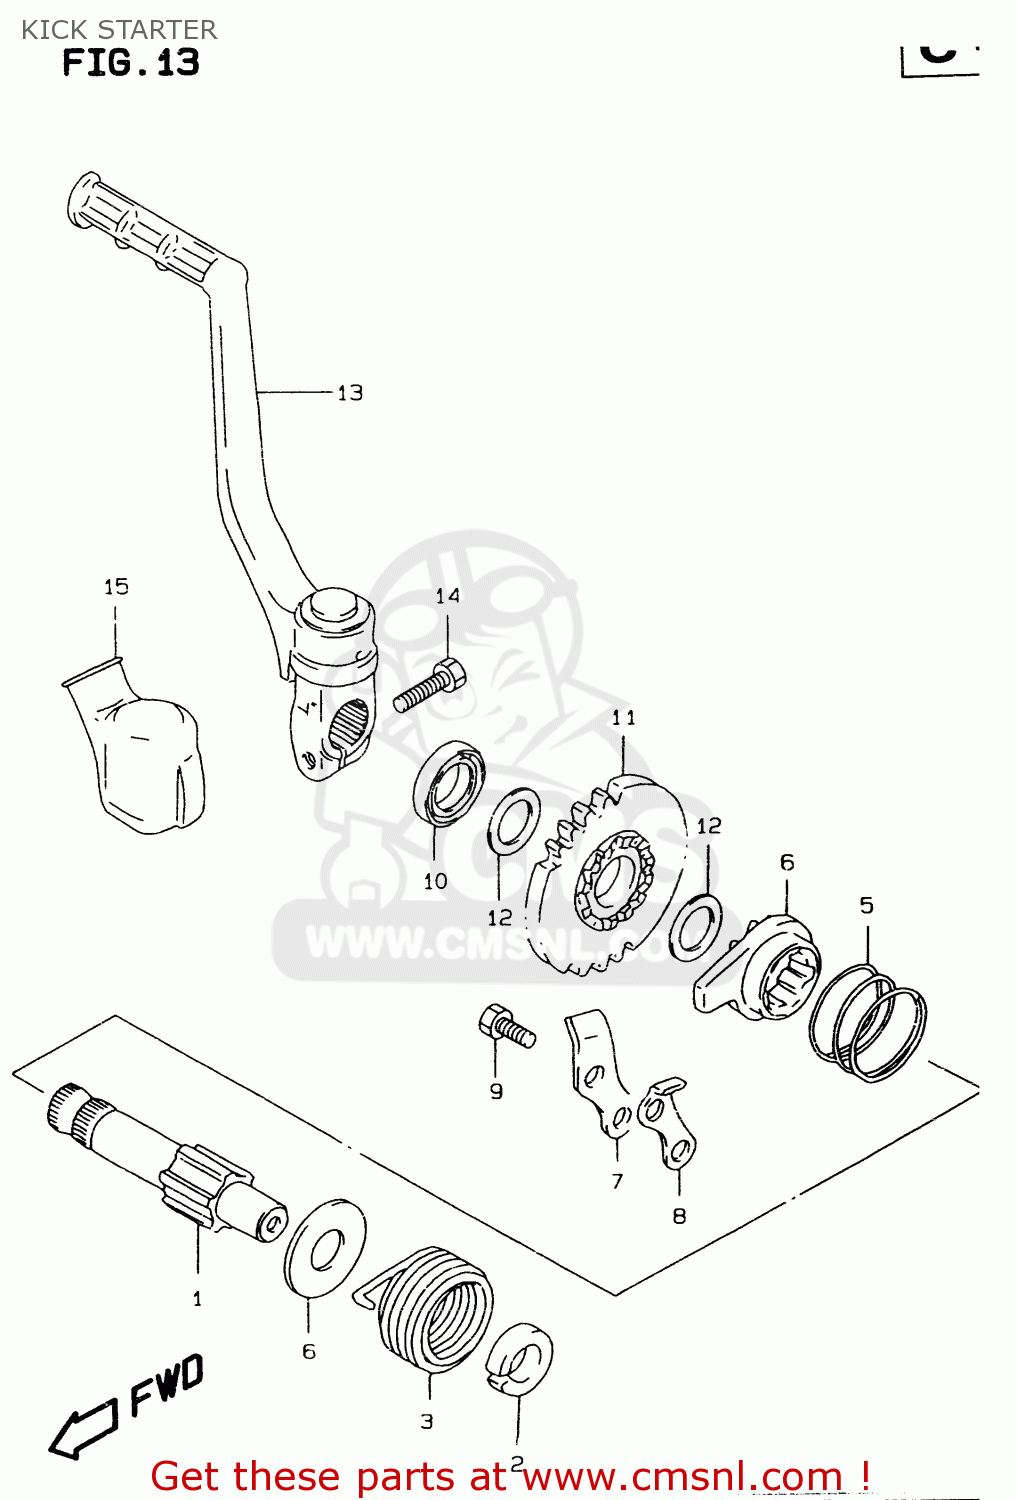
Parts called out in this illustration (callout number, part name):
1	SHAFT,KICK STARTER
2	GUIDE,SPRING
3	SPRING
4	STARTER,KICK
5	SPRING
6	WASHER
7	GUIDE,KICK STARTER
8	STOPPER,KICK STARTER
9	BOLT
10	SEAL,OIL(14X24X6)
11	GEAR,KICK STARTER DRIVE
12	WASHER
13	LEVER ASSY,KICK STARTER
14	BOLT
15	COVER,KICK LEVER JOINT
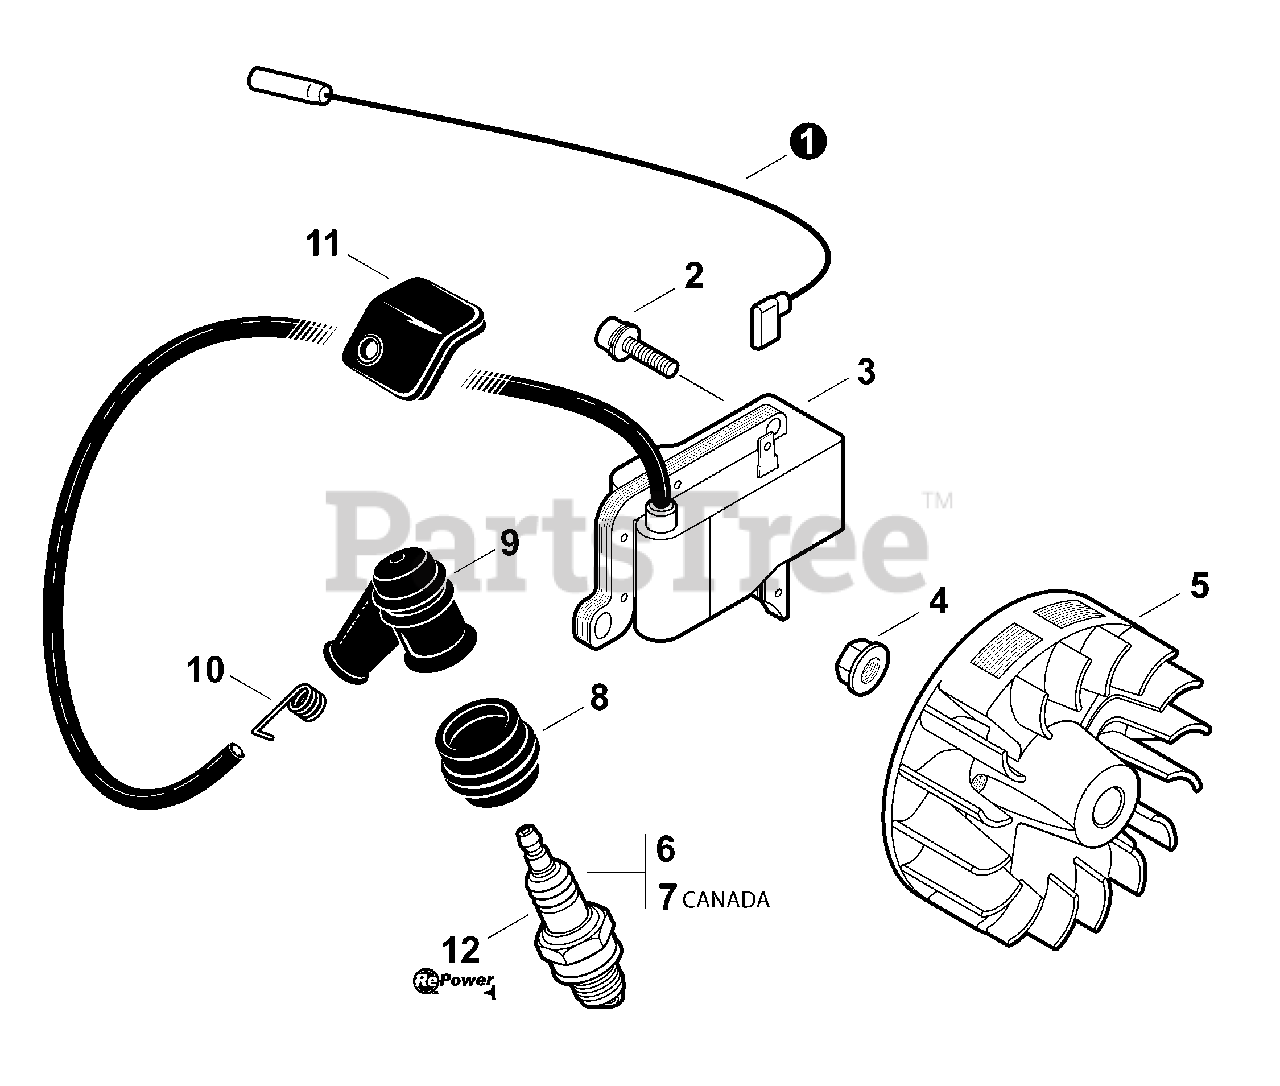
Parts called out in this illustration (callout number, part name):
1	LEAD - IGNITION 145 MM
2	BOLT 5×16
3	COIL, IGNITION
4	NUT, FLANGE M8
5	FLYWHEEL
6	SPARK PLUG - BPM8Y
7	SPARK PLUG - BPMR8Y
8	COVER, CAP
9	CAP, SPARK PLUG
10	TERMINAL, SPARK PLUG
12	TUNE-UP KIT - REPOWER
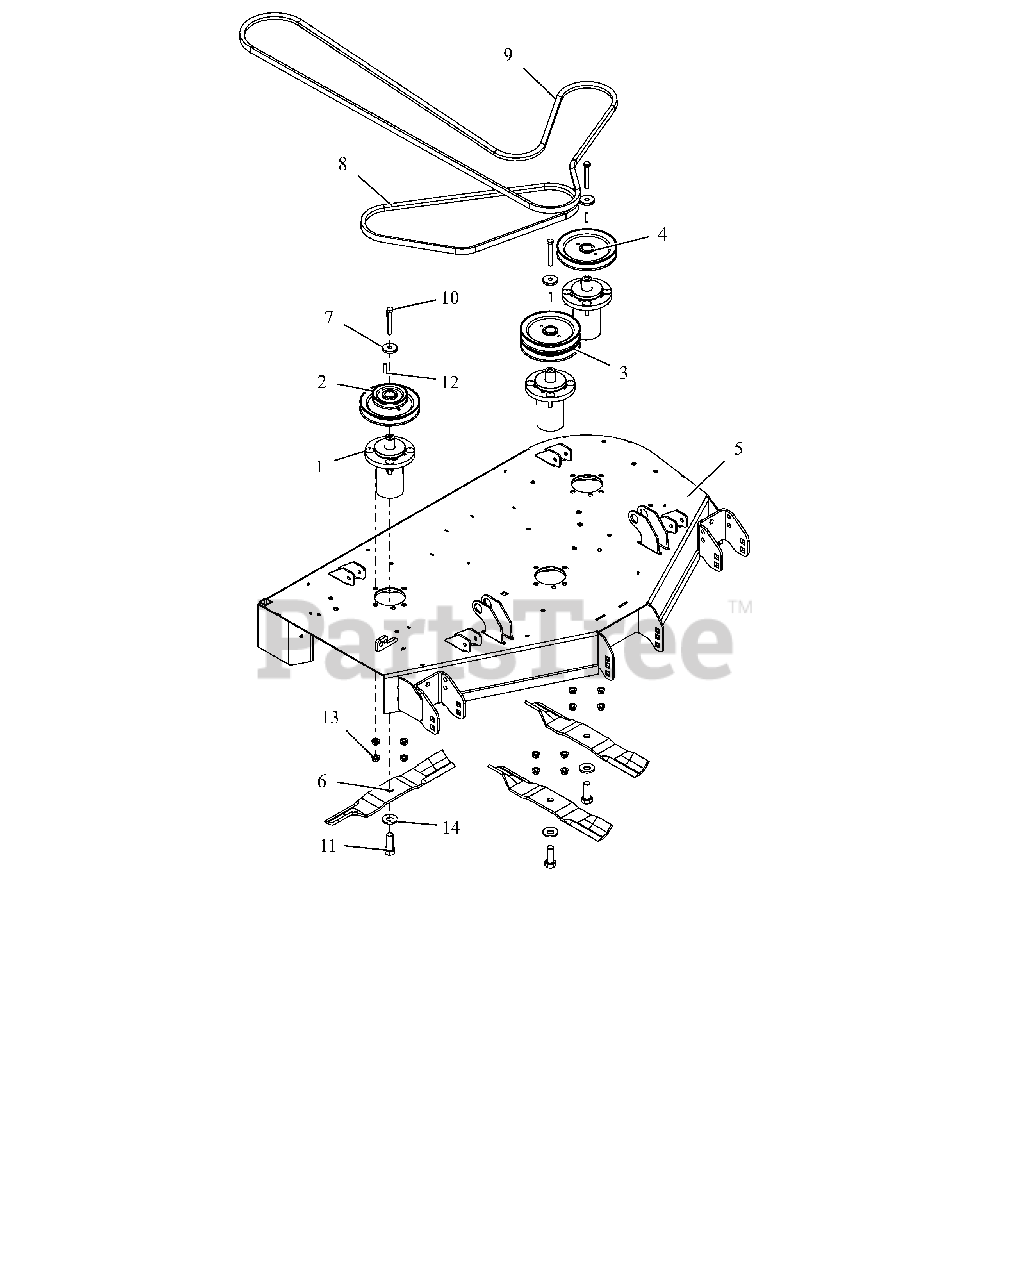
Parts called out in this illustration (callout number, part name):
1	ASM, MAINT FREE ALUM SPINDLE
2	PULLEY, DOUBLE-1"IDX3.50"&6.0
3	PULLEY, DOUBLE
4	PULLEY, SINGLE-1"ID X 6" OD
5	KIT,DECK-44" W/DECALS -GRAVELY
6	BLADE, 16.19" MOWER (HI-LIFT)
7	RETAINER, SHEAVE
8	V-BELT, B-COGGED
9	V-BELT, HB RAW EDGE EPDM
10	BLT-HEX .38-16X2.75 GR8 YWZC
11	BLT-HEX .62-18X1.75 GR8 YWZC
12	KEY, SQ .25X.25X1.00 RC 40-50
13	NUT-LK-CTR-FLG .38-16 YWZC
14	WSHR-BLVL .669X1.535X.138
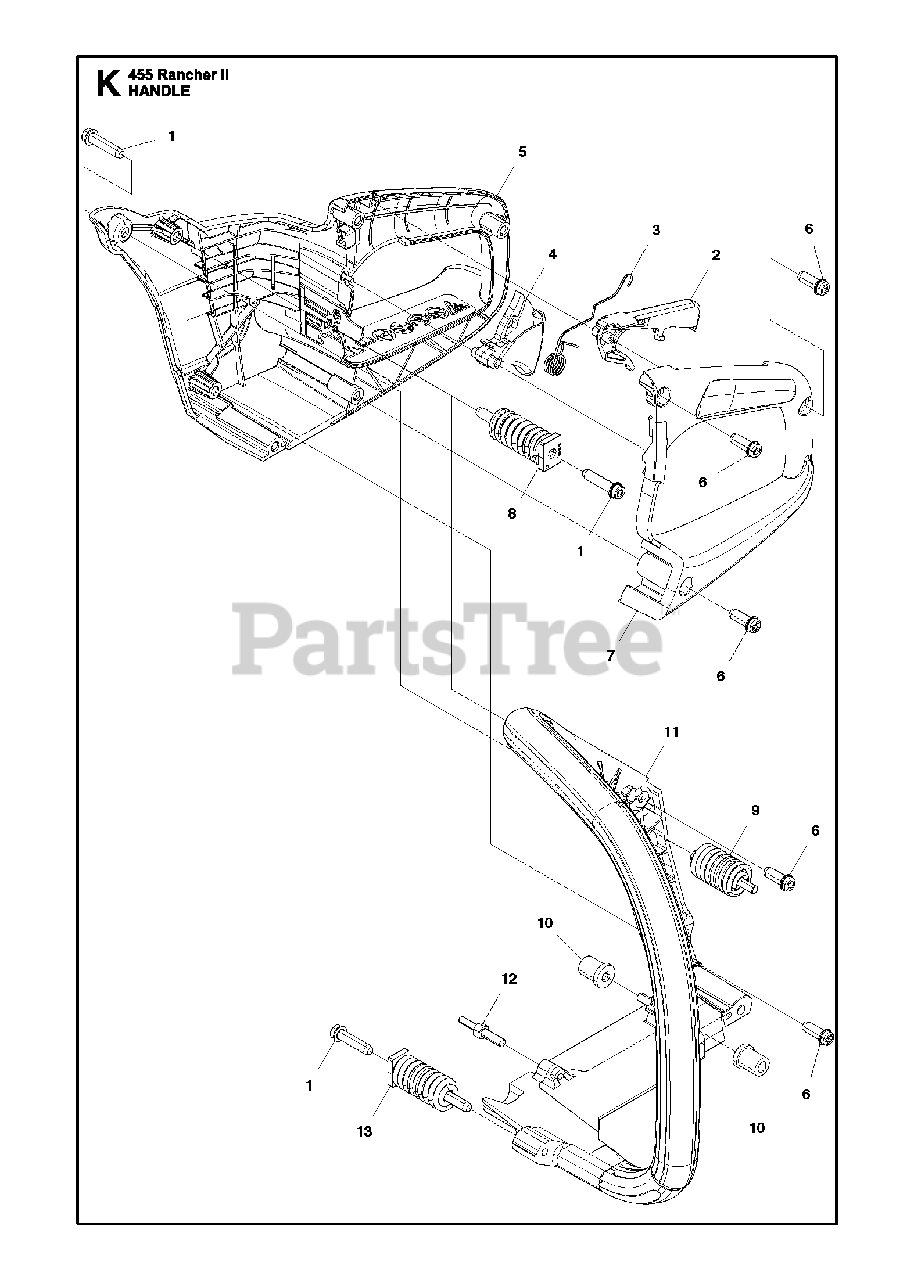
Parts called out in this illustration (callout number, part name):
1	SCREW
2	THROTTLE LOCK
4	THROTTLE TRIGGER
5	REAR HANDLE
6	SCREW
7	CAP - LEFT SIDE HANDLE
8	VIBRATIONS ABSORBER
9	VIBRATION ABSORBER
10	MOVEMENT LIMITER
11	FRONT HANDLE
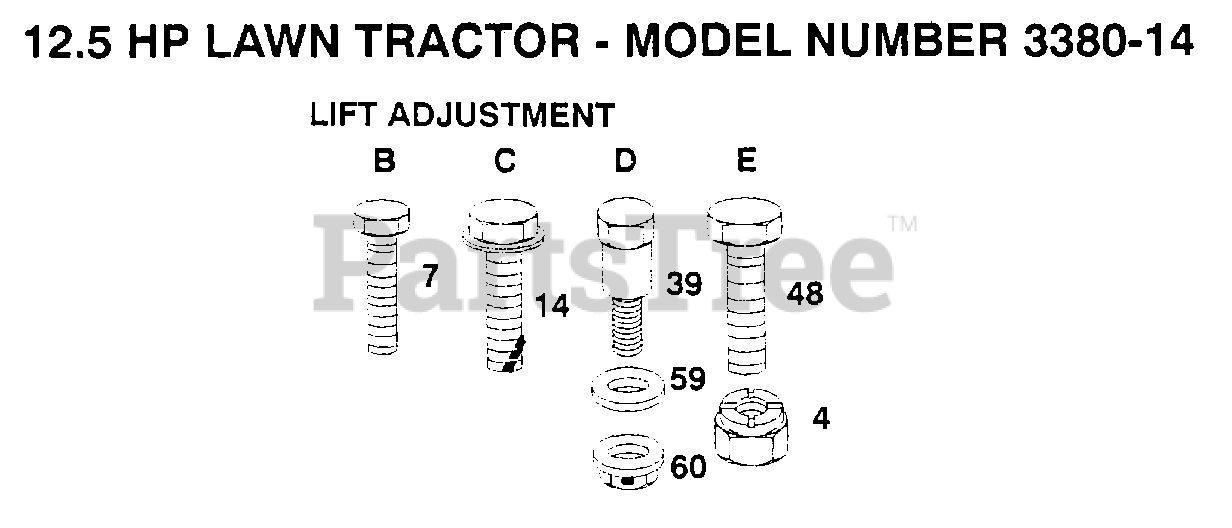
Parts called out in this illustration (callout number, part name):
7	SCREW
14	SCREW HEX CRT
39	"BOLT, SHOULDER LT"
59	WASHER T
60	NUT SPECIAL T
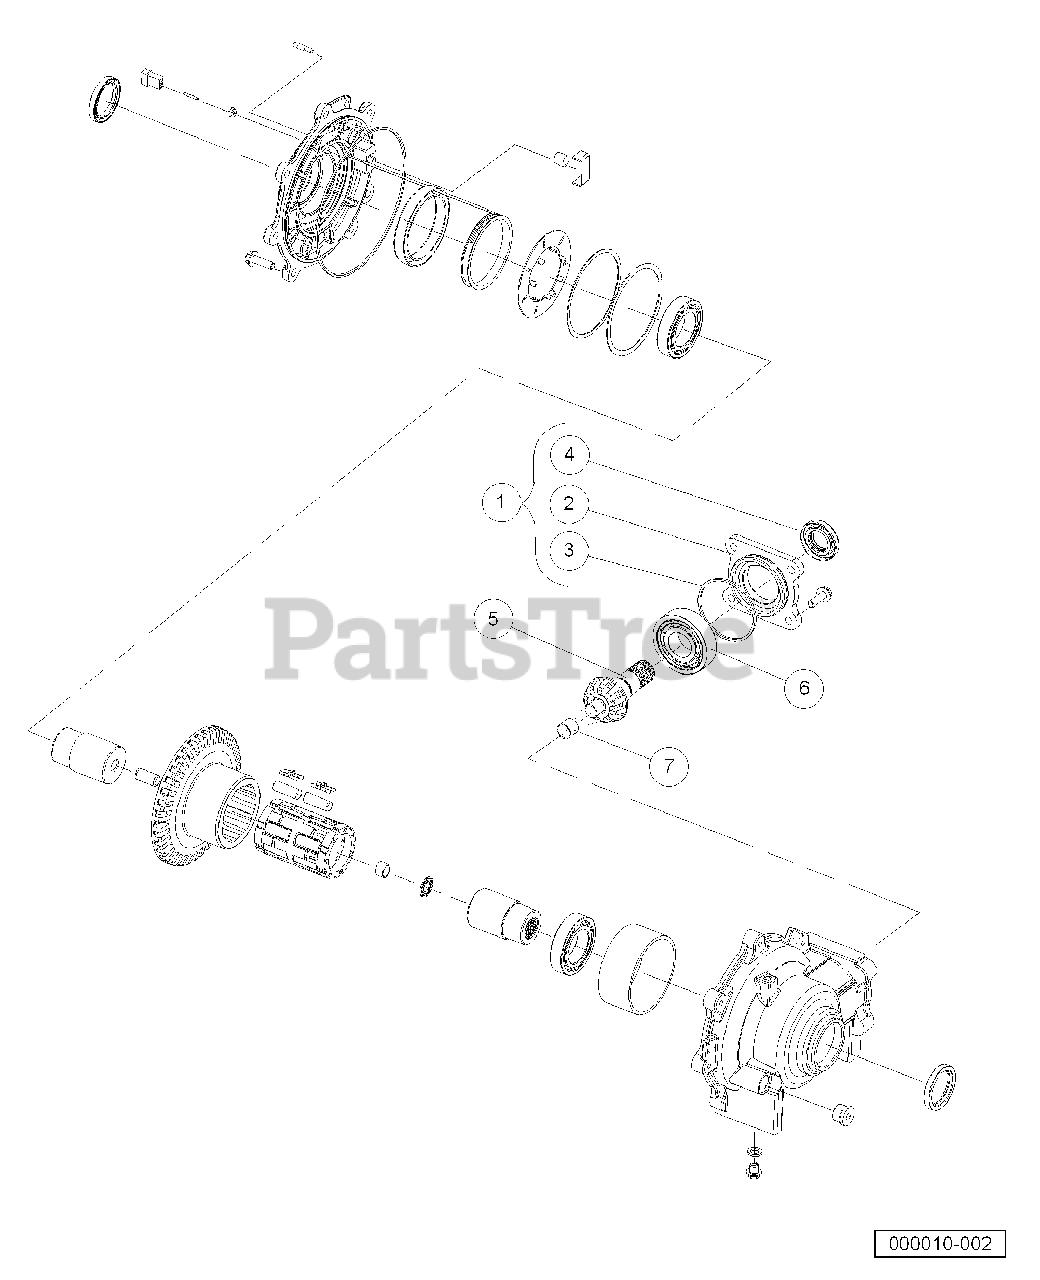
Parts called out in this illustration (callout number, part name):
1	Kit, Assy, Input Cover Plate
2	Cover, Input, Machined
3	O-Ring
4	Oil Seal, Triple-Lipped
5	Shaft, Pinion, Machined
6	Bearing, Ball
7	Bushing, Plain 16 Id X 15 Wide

Work item.
Skipping the images, write out the whole listing exactly.

The completed task.
Parts called out in this illustration (callout number, part name):
1	SHAFT,KICK STARTER
2	GUIDE,SPRING
3	SPRING
4	STARTER,KICK
5	SPRING
6	WASHER
7	GUIDE,KICK STARTER
8	STOPPER,KICK STARTER
9	BOLT
10	SEAL,OIL(14X24X6)
11	GEAR,KICK STARTER DRIVE
12	WASHER
13	LEVER ASSY,KICK STARTER
14	BOLT
15	COVER,KICK LEVER JOINT
Parts called out in this illustration (callout number, part name):
1	LEAD - IGNITION 145 MM
2	BOLT 5×16
3	COIL, IGNITION
4	NUT, FLANGE M8
5	FLYWHEEL
6	SPARK PLUG - BPM8Y
7	SPARK PLUG - BPMR8Y
8	COVER, CAP
9	CAP, SPARK PLUG
10	TERMINAL, SPARK PLUG
12	TUNE-UP KIT - REPOWER
Parts called out in this illustration (callout number, part name):
1	ASM, MAINT FREE ALUM SPINDLE
2	PULLEY, DOUBLE-1"IDX3.50"&6.0
3	PULLEY, DOUBLE
4	PULLEY, SINGLE-1"ID X 6" OD
5	KIT,DECK-44" W/DECALS -GRAVELY
6	BLADE, 16.19" MOWER (HI-LIFT)
7	RETAINER, SHEAVE
8	V-BELT, B-COGGED
9	V-BELT, HB RAW EDGE EPDM
10	BLT-HEX .38-16X2.75 GR8 YWZC
11	BLT-HEX .62-18X1.75 GR8 YWZC
12	KEY, SQ .25X.25X1.00 RC 40-50
13	NUT-LK-CTR-FLG .38-16 YWZC
14	WSHR-BLVL .669X1.535X.138
Parts called out in this illustration (callout number, part name):
1	SCREW
2	THROTTLE LOCK
4	THROTTLE TRIGGER
5	REAR HANDLE
6	SCREW
7	CAP - LEFT SIDE HANDLE
8	VIBRATIONS ABSORBER
9	VIBRATION ABSORBER
10	MOVEMENT LIMITER
11	FRONT HANDLE
Parts called out in this illustration (callout number, part name):
7	SCREW
14	SCREW HEX CRT
39	"BOLT, SHOULDER LT"
59	WASHER T
60	NUT SPECIAL T
Parts called out in this illustration (callout number, part name):
1	Kit, Assy, Input Cover Plate
2	Cover, Input, Machined
3	O-Ring
4	Oil Seal, Triple-Lipped
5	Shaft, Pinion, Machined
6	Bearing, Ball
7	Bushing, Plain 16 Id X 15 Wide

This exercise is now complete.